# Bentley GT chromed metal grille



## R8ordered (Apr 18, 2007)

I would apreciate any leads or information on getting a metal grille for my 2006 GT.
Stainless Steel, chromed metal or brushed alminum would do. The aluminum would probably be best since it would be chrushable upon impact.
Thanks.


----------



## Paldi (Sep 4, 2004)

*Re: Bentley GT chromed metal grille (R8ordered)*

These are on ebay all the time. Just search parts Bentley. Cost is usually about $1,000 for the three lower grills in the set. I believe they are chromed stainless steel mesh.











_Modified by Paldi at 12:31 PM 7-27-2007_


----------



## R8ordered (Apr 18, 2007)

*Re: Bentley GT chromed metal grille (Paldi)*

Hi Fred:
Once again leave it to the Phaeton group to be the ultimate fountain of informaton.
I really believe our onlne group is most extraordinary in both its camaraderie and expertise.
And it certainly celebrates diversity without that requirement having to be legislated.
Thank you "mille fois".
http://****************.com/smile/emthup.gif


----------



## Paldi (Sep 4, 2004)

*Re: Bentley GT chromed metal grille (R8ordered)*

Here's a set now! It's for a Flying Spur, however the vendor says they can accommodate requests on other vehicles. This is an offering by Bentley of Long Island. A good source I would think.
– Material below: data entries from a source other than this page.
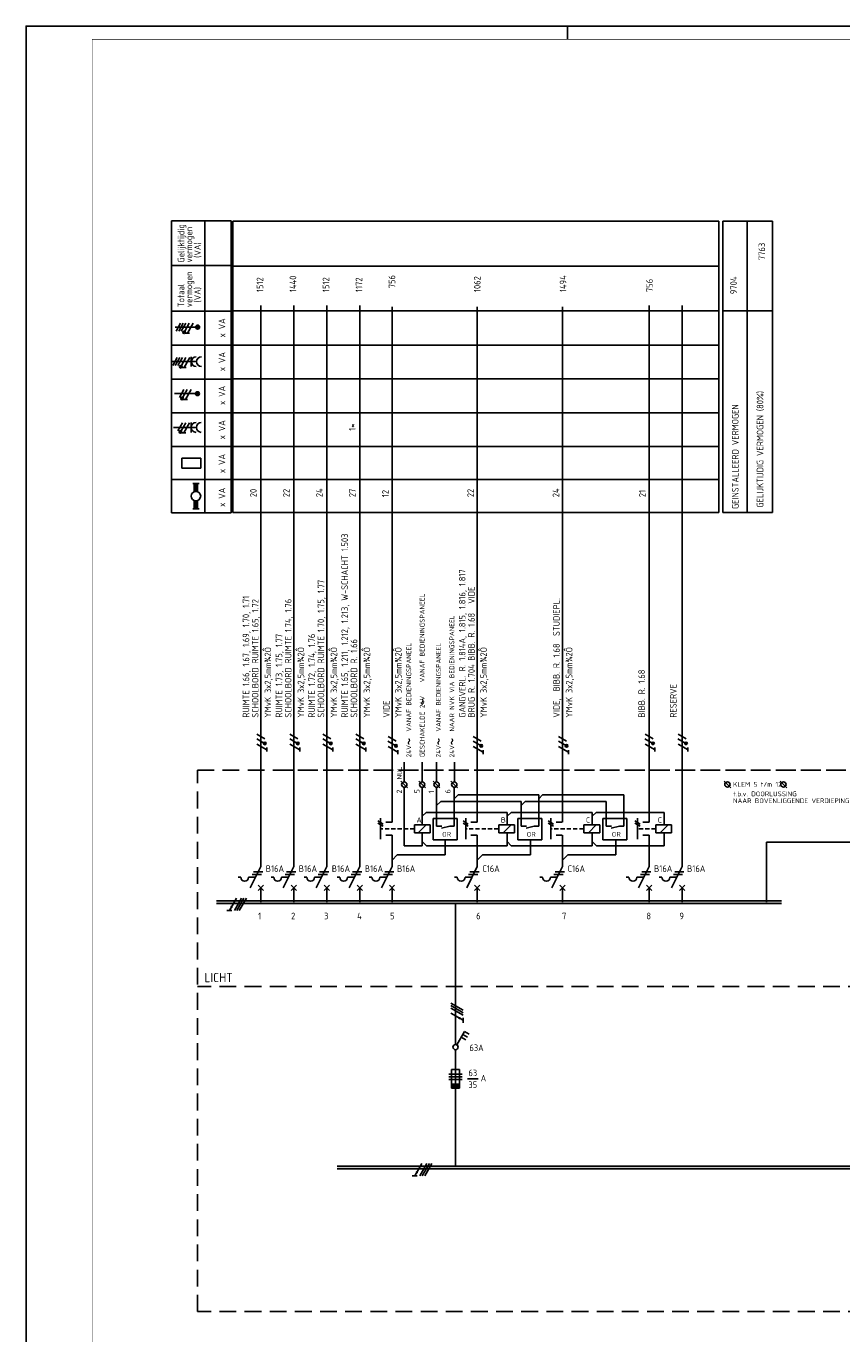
# Model space of a CAD drawing. Header units: millimetres. Extents: x 0 to 1189, y 0 to 841.
# Tile 2 of 6: x 0 to 309, y 346 to 841. Entities that reach past the tile are written whole.
import ezdxf
from ezdxf.enums import TextEntityAlignment as Align

# ---------------------------------------------------------------- set-up
doc = ezdxf.new("R2010")
doc.units = ezdxf.units.MM
doc.linetypes.add('HIDDEN', pattern=[9.525, 6.35, -3.175])
doc.layers.get('0').update_dxf_attribs({"linetype": 'CONTINUOUS'})
for name, color, linetype in [('1', 7, 'CONTINUOUS'), ('40', 1, 'CONTINUOUS'), ('70', 1, 'CONTINUOUS'), ('71', 2, 'CONTINUOUS'), ('73', 4, 'CONTINUOUS'), ('LIJN018', 210, 'CONTINUOUS'), ('LIJN025', 10, 'CONTINUOUS'), ('LIJN035', 50, 'CONTINUOUS'), ('LIJN050', 90, 'CONTINUOUS'), ('TEKST18', 210, 'CONTINUOUS'), ('TEKST25', 10, 'CONTINUOUS'), ('TEKST35', 50, 'CONTINUOUS'), ('TEKST50', 90, 'CONTINUOUS')]:
    doc.layers.add(name, color=color, linetype=linetype)
doc.styles.add('5_0', font='iso.shx')
doc.styles.add('ISO', font='ISO.SHX')
doc.styles.add('NEN', font='iso.shx')
doc.styles.add('ROMAND', font='romand')
doc.styles.get("Standard").update_dxf_attribs({"font": 'iso.shx'})

# ---------------------------------------------------------------- blocks, each defined once
blk = doc.blocks.new('RWS035')
at = {"layer": '71'}
for p, q in [((-2, 8), (2, 8)), ((-1, 2.83), (-1, 8)), ((1, 2.83), (1, 8)), ((2, -8), (-2, -8)), ((-1, -2.83), (-1, -8)), ((1, -2.83), (1, -8))]:
    blk.add_line(p, q, dxfattribs=at)
blk.add_circle((0, 0), 3, dxfattribs=at)
for points in [[(-1, 3), (1, 3), (-1, 8), (1, 8)], [(-1, 3), (-1, 2.9), (0, 3)], [(1, 2.9), (1, 3), (0.1, 3)], [(-1, -3), (-1, -2.9), (-0.1, -3)], [(-1, -8), (1, -8), (-1, -3), (1, -3)], [(1, -3), (1, -2.9), (0.1, -3)]]:
    blk.add_solid(points, dxfattribs=at)
blk = doc.blocks.new('A0')
at = {"layer": 'LIJN025'}
blk.add_line((205, 836), (205, 841), dxfattribs=at)
blk.add_lwpolyline([(1189, 841), (1189, 0), (0, 0), (0, 841)], close=True, dxfattribs=at)
at = {"layer": 'LIJN050', "const_width": 0.2}
blk.add_lwpolyline([(1184, 836), (25, 836), (25, 5), (1184, 5)], close=True, dxfattribs=at)
at = {"layer": 'TEKST25', "style": 'ROMAND', "width": 2.899115}
blk.add_attdef('STATUS', text='', height=2.5, dxfattribs=at).set_placement((1143, 71.5), (1182, 71.5), align=Align.FIT)
at = {"layer": 'TEKST25', "style": 'ISO'}
for tag, p in [('E', (1144.25, 66)), ('NAAM-E', (1155.75, 66)), ('DATUM-E', (1174, 66)), ('D', (1144.25, 61)), ('NAAM-D', (1155.75, 61)), ('DATUM-D', (1174, 61)), ('C', (1144.25, 56)), ('NAAM-C', (1155.75, 56)), ('DATUM-C', (1174, 56)), ('B', (1144.25, 51)), ('NAAM-B', (1155.75, 51)), ('DATUM-B', (1174, 51)), ('A', (1144.25, 46)), ('NAAM-A', (1155.75, 46)), ('DATUM-A', (1174, 46))]:
    blk.add_attdef(tag, text='', height=2.5, dxfattribs=at).set_placement(p, align=Align.CENTER)
for tag, p in [('DATUM', (1021.75, 36.25)), ('SCHAAL', (1057, 36.25)), ('GETEKEND', (1087.25, 36.25)), ('GECONTOL.', (1122, 36.25)), ('FORMAAT', (1152.25, 28.25))]:
    blk.add_attdef(tag, p, '', height=2.5, dxfattribs=at)
at = {"layer": 'TEKST35', "style": 'ISO'}
for tag, p in [('PROJECT', (1023.5, 72.5)), ('PLAATS', (1023.5, 63.5)), ('INSTALLATIE-REGEL1', (1023.5, 52.5)), ('INSTALLATIE-REGEL2', (1023.5, 43.5))]:
    blk.add_attdef(tag, p, '', height=4, dxfattribs=at)
blk.add_attdef('PROJ.NR.', text='', height=4, dxfattribs=at).set_placement((1170, 23), align=Align.CENTER)
at = {"layer": 'TEKST50', "style": 'ISO'}
blk.add_attdef('FILE-NAAM', text='', height=5, dxfattribs=at).set_placement((1162.5, 7.5), align=Align.CENTER)
blk = doc.blocks.new('RWS075')
at = {"layer": '71'}
blk.add_line((2, 0), (0, -2), dxfattribs=at)
blk = doc.blocks.new('RWS023', base_point=(227, 181))
at = {"layer": '40', "style": 'NEN'}
blk.add_text('~', height=5, dxfattribs=at).set_placement((223.5, 179.5))

msp = doc.modelspace()

# ---------------------------------------------------------------- linework, layer by layer
at = {"color": 10}
for p, q in [((79.69, 510.89), (76.98, 506.2)), ((81.56, 510.89), (78.86, 506.2)), ((82.5, 510.89), (79.8, 506.2)), ((82.5, 510.89), (79.8, 506.2)), ((83.44, 510.89), (80.73, 506.2)), ((77.92, 506.2), (76.05, 506.2)), ((160.83, 471.14), (165.52, 468.43)), ((160.83, 470.2), (165.52, 467.49)), ((160.83, 470.2), (165.52, 467.49)), ((160.83, 469.26), (165.52, 466.56)), ((160.83, 467.39), (165.52, 464.68)), ((165.52, 465.62), (165.52, 463.74)), ((149.89, 410.41), (147.19, 405.72)), ((151.77, 410.41), (149.06, 405.72)), ((152.71, 410.41), (150, 405.72)), ((152.71, 410.41), (150, 405.72)), ((153.64, 410.41), (150.94, 405.72)), ((148.13, 405.72), (146.25, 405.72))]:
    msp.add_line(p, q, dxfattribs=at)
for p, q in [((82.5, 510.89), (79.8, 506.2)), ((160.83, 470.2), (165.52, 467.49)), ((152.71, 410.41), (150, 405.72))]:
    msp.add_line(p, q)
at = {"color": 10, "const_width": 0.469}
for points in [[(78, 507.49, 1), (77.59, 507.72, 1)], [(164.23, 465.7, 1), (163.99, 465.29, 1)], [(148.2, 407.01, 1), (147.8, 407.25, 1)]]:
    msp.add_lwpolyline(points, format="xyb", close=True, dxfattribs=at)
at = {"layer": '1', "color": 1}
for p, q in [((58.52, 728.52), (56.77, 725.48)), ((59.52, 728.52), (57.77, 725.48)), ((60.52, 728.52), (58.77, 725.48)), ((61.77, 728.52), (60.05, 725.53)), ((63.27, 728.52), (61.09, 724.73)), ((57.25, 715.52), (55.5, 712.48)), ((58.25, 715.52), (56.5, 712.48)), ((59.25, 715.52), (57.5, 712.48)), ((60.5, 715.52), (58.78, 712.53)), ((62, 715.52), (59.82, 711.73)), ((59.77, 703.5), (58.02, 700.47)), ((61.02, 703.5), (59.29, 700.51)), ((62.52, 703.5), (60.33, 699.71)), ((59.17, 690.8), (57.42, 687.77)), ((60.42, 690.8), (58.69, 687.81)), ((61.92, 690.8), (59.73, 687.01)), ((90.3, 569.5), (87.31, 571.23)), ((90.38, 571.23), (87.35, 572.98)), ((102.8, 569.5), (99.81, 571.23)), ((102.88, 571.23), (99.85, 572.98)), ((115.3, 569.5), (112.31, 571.23)), ((115.38, 571.23), (112.35, 572.98)), ((127.8, 569.5), (124.81, 571.23)), ((127.88, 571.23), (124.85, 572.98)), ((140.01, 568.57), (137.02, 570.29)), ((140.08, 570.29), (137.05, 572.04)), ((172.31, 568.57), (169.32, 570.29)), ((172.38, 570.29), (169.35, 572.04)), ((204.61, 568.57), (201.62, 570.29)), ((204.68, 570.29), (201.65, 572.04)), ((237.35, 569.5), (234.36, 571.23)), ((237.43, 571.23), (234.4, 572.98)), ((249.85, 569.5), (246.86, 571.23)), ((249.93, 571.23), (246.9, 572.98)), ((91.13, 567.07), (87.34, 569.25)), ((103.63, 567.07), (99.84, 569.25)), ((116.13, 567.07), (112.34, 569.25)), ((128.63, 567.07), (124.84, 569.25)), ((140.83, 566.13), (137.05, 568.32)), ((173.13, 566.13), (169.35, 568.32)), ((205.43, 566.13), (201.65, 568.32)), ((238.18, 567.07), (234.39, 569.25)), ((250.68, 567.07), (246.89, 569.25)), ((133.24, 540.12), (135.24, 538.96)), ((165.47, 540.12), (167.47, 538.96)), ((197.71, 540.12), (199.71, 538.96)), ((230.59, 540.12), (232.59, 538.96)), ((133.24, 539.32), (135.24, 538.16)), ((165.47, 539.32), (167.47, 538.16)), ((197.71, 539.32), (199.71, 538.16)), ((230.59, 539.32), (232.59, 538.16)), ((160.14, 444.24), (165.14, 444.24)), ((165.14, 444.24), (160.14, 444.24)), ((160.14, 443.24), (165.14, 443.24)), ((160.14, 442.24), (165.14, 442.24))]:
    msp.add_line(p, q, dxfattribs=at)
at = {"layer": '1', "color": 1, "linetype": 'HIDDEN', "ltscale": 0.25}
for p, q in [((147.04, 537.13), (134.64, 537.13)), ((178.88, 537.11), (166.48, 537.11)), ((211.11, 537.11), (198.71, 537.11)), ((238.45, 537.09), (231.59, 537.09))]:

http://cgi.ebay.com/ebaymotors...wItem

























http://****************.com/smile/emthup.gif 



_Modified by Paldi at 5:42 PM 7-27-2007_


----------



## jus_dubin (Apr 29, 2005)

*Re: Bentley GT chromed metal grille (Paldi)*

nice http://****************.com/smile/emthup.gif


----------



## R8ordered (Apr 18, 2007)

*Re: Bentley GT chromed metal grille (Paldi)*

Fred:
Once again a question:
Rain, snow & ice tires for the Phaeton: what do you recommend?
p.s. for my W12 in Santa Fe, where I am at 8,200 feet with snow & frost, not E. Hampton. 
http://****************.com/smile/emthup.gif


----------



## tradgickmagick (Mar 12, 2008)

Bently has chrome oe grills available through all dealers now. make sure you buy the bentley ones though. they have a factory warranty on them. all of these aftermarket ones that are out chip and flake away after 3 months and then you are s.o.l


----------



## WidebodyQ (Apr 20, 2007)

*Re: (tradgickmagick)*

Look into "chrome vacuuming" 
You just send them your stock grill and they put it throught a machine and when they are done, it comes out chrome. Its how they make plastic factory peices chrome


----------



## OEMplus.com (May 27, 2003)

*Re: (WidebodyQ)*

MTM offers one as well...


----------



## cgmb16 (Jul 22, 2003)

Was at a Bentley dealership this weekend and they said that the Conti GT chrome grill set of 3 is about $1900. The Flying Spur is about $2100. The Flying Spur set is different because the three grills are connected by two chrome pieces. The dealer said that people go to have the plastic dipped in chrome and it doesn't last long because they start to flake and peel off.


----------